Sebuah prosedur telah ditetapkan dalam kitab suci dan sastra dalam melaksanakan atau
menghaturkan ritual dengan enam belas upachara.
Mereka yang menginginkan kemajuan dalam bidang pendidikan harus memuja ribuan
parthivalingga. Mereka yang menginginkan kekayaan harus memuja lima ratus lingga, mereka
yang menginginkan keturunan laki-laki harus memuja seribu lima ratus lingga, mereka yang
menginginkan pembebasan harus memuja ribuan lingga dan bagi mereka yang menginginkan
tanah (properti), lima ratus buah dan yang seterusnya. Hanya dengan menghaturkan sembah pada
lingga, seseorang akan bebas dari kesedihan dan juga keraguan.

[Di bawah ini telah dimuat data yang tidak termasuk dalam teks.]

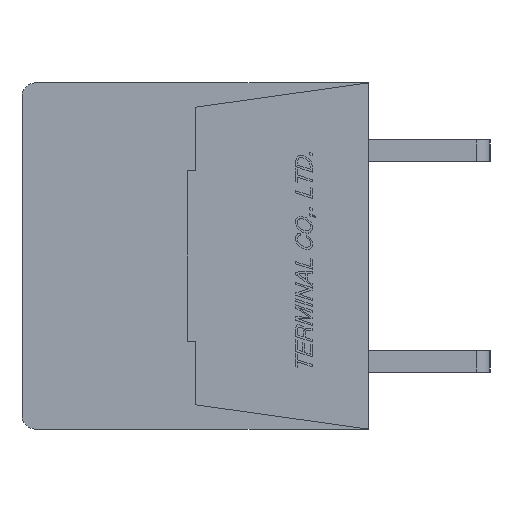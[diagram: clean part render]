
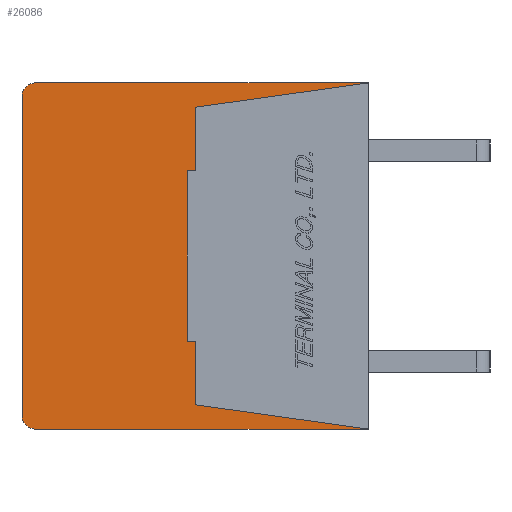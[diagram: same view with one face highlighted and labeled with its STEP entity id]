
A CAD part, left-side view. The second image highlights one B-rep face of the part: STEP entity #26086.
In plain terms, the highlighted planar face has unit normal (-1, 0, 0).
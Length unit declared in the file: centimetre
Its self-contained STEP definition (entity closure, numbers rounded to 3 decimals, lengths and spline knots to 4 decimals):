
#1346=CIRCLE('',#44563,0.05);
#1347=CIRCLE('',#44566,0.05);
#2376=VERTEX_POINT('',#36427);
#2377=VERTEX_POINT('',#36429);
#2378=VERTEX_POINT('',#36433);
#2379=VERTEX_POINT('',#36437);
#2380=VERTEX_POINT('',#36441);
#2381=VERTEX_POINT('',#36445);
#2382=VERTEX_POINT('',#36449);
#2383=VERTEX_POINT('',#36451);
#2384=VERTEX_POINT('',#36453);
#2385=VERTEX_POINT('',#36455);
#2386=VERTEX_POINT('',#36457);
#2387=VERTEX_POINT('',#36459);
#5148=VECTOR('',#30232,1.);
#5152=VECTOR('',#30241,1.);
#5155=VECTOR('',#30249,1.);
#5156=VECTOR('',#30251,1.);
#5157=VECTOR('',#30252,1.);
#5158=VECTOR('',#30253,1.);
#5159=VECTOR('',#30254,1.);
#5160=VECTOR('',#30255,1.);
#5161=VECTOR('',#30256,1.);
#5162=VECTOR('',#30257,1.);
#8218=LINE('',#36428,#5148);
#8222=LINE('',#36438,#5152);
#8225=LINE('',#36446,#5155);
#8226=LINE('',#36448,#5156);
#8227=LINE('',#36450,#5157);
#8228=LINE('',#36452,#5158);
#8229=LINE('',#36454,#5159);
#8230=LINE('',#36456,#5160);
#8231=LINE('',#36458,#5161);
#8232=LINE('',#36460,#5162);
#11648=EDGE_CURVE('',#2377,#2376,#8218,.T.);
#11651=EDGE_CURVE('',#2378,#2376,#1346,.T.);
#11653=EDGE_CURVE('',#2378,#2379,#8222,.T.);
#11655=EDGE_CURVE('',#2380,#2379,#1347,.T.);
#11657=EDGE_CURVE('',#2380,#2381,#8225,.T.);
#11658=EDGE_CURVE('',#2382,#2377,#8226,.T.);
#11659=EDGE_CURVE('',#2381,#2383,#8227,.T.);
#11660=EDGE_CURVE('',#2383,#2384,#8228,.T.);
#11661=EDGE_CURVE('',#2384,#2385,#8229,.T.);
#11662=EDGE_CURVE('',#2385,#2386,#8230,.T.);
#11663=EDGE_CURVE('',#2386,#2387,#8231,.T.);
#11664=EDGE_CURVE('',#2387,#2382,#8232,.T.);
#17015=ORIENTED_EDGE('',*,*,#11658,.T.);
#17016=ORIENTED_EDGE('',*,*,#11648,.T.);
#17017=ORIENTED_EDGE('',*,*,#11651,.F.);
#17018=ORIENTED_EDGE('',*,*,#11653,.T.);
#17019=ORIENTED_EDGE('',*,*,#11655,.F.);
#17020=ORIENTED_EDGE('',*,*,#11657,.T.);
#17021=ORIENTED_EDGE('',*,*,#11659,.T.);
#17022=ORIENTED_EDGE('',*,*,#11660,.T.);
#17023=ORIENTED_EDGE('',*,*,#11661,.T.);
#17024=ORIENTED_EDGE('',*,*,#11662,.T.);
#17025=ORIENTED_EDGE('',*,*,#11663,.T.);
#17026=ORIENTED_EDGE('',*,*,#11664,.T.);
#22732=EDGE_LOOP('',(#17015,#17016,#17017,#17018,#17019,#17020,#17021,#17022,
#17023,#17024,#17025,#17026));
#24446=FACE_BOUND('',#22732,.T.);
#26086=ADVANCED_FACE('',(#24446),#27490,.F.);
#27490=PLANE('',#44568);
#30232=DIRECTION('',(0.,1.,0.));
#30237=DIRECTION('',(1.,0.,0.));
#30238=DIRECTION('',(0.,0.,-0.05));
#30241=DIRECTION('',(0.,0.,-1.));
#30245=DIRECTION('',(1.,0.,0.));
#30246=DIRECTION('',(0.,0.,-0.05));
#30249=DIRECTION('',(0.,-1.,0.));
#30250=DIRECTION('',(1.,0.,0.));
#30251=DIRECTION('',(0.,-0.99,0.139));
#30252=DIRECTION('',(0.,0.99,0.139));
#30253=DIRECTION('',(0.,0.,1.));
#30254=DIRECTION('',(0.,1.,0.));
#30255=DIRECTION('',(0.,0.,1.));
#30256=DIRECTION('',(0.,-1.,0.));
#30257=DIRECTION('',(0.,0.,1.));
#36427=CARTESIAN_POINT('',(-1.,1.23,0.64));
#36428=CARTESIAN_POINT('',(-1.,0.,0.64));
#36429=CARTESIAN_POINT('',(-1.,0.,0.64));
#36433=CARTESIAN_POINT('',(-1.,1.28,0.59));
#36434=CARTESIAN_POINT('',(-1.,1.23,0.59));
#36437=CARTESIAN_POINT('',(-1.,1.28,-0.59));
#36438=CARTESIAN_POINT('',(-1.,1.28,0.59));
#36441=CARTESIAN_POINT('',(-1.,1.23,-0.64));
#36442=CARTESIAN_POINT('',(-1.,1.23,-0.59));
#36445=CARTESIAN_POINT('',(-1.,0.,-0.64));
#36446=CARTESIAN_POINT('',(-1.,1.23,-0.64));
#36447=CARTESIAN_POINT('',(-1.,0.6345,0.));
#36448=CARTESIAN_POINT('',(-1.,0.64,0.55));
#36449=CARTESIAN_POINT('',(-1.,0.64,0.55));
#36450=CARTESIAN_POINT('',(-1.,0.,-0.64));
#36451=CARTESIAN_POINT('',(-1.,0.64,-0.55));
#36452=CARTESIAN_POINT('',(-1.,0.64,-0.55));
#36453=CARTESIAN_POINT('',(-1.,0.64,-0.315));
#36454=CARTESIAN_POINT('',(-1.,0.64,-0.315));
#36455=CARTESIAN_POINT('',(-1.,0.67,-0.315));
#36456=CARTESIAN_POINT('',(-1.,0.67,-0.315));
#36457=CARTESIAN_POINT('',(-1.,0.67,0.315));
#36458=CARTESIAN_POINT('',(-1.,0.67,0.315));
#36459=CARTESIAN_POINT('',(-1.,0.64,0.315));
#36460=CARTESIAN_POINT('',(-1.,0.64,0.315));
#44563=AXIS2_PLACEMENT_3D('',#36434,#30237,#30238);
#44566=AXIS2_PLACEMENT_3D('',#36442,#30245,#30246);
#44568=AXIS2_PLACEMENT_3D('',#36447,#30250,$);

Tidak ada cara yang lebih baik ataupun lebih mudah selain menyeberangi gelombang
kehidupan yang amat besar sengan memuja Siwa. Dikatakan hanya dengan melakukan pemujaan
yang bisa membuka mata mereka yang buta atas kebodohan dan kesenangan duniawi. Tiga
material penting dalam memuja Siwa adalah i) Abu Suci ii) Rudraksha dan iii) daun bilwa (bilwa
patra).
Daun Bel (bilwa) adalah perwujudan Dewa Siwa. Dipercaya bahwa pada akar pohon ini,
semua tempat suci atau peziarahan berada. Jika seseorang melakukan pemujaan di bawah pohon
ini, akan merangsang pertumbuhan Vamsha (keturunan). Mereka yang menyalakan lampu pada
pohon ini akan mendapatkan Jnana Siwa. Jika seorang Brahmana diberikan makanan di bawah
pohon ini maka akan memberikan pahala sama seperti memberikan makanan pada seribu orang
lebih. Mereka yang memberkan nasi (nasi yang dimasak dengan susu paramaanna dan ghee,
tidak akan pernah menderita kemiskinan.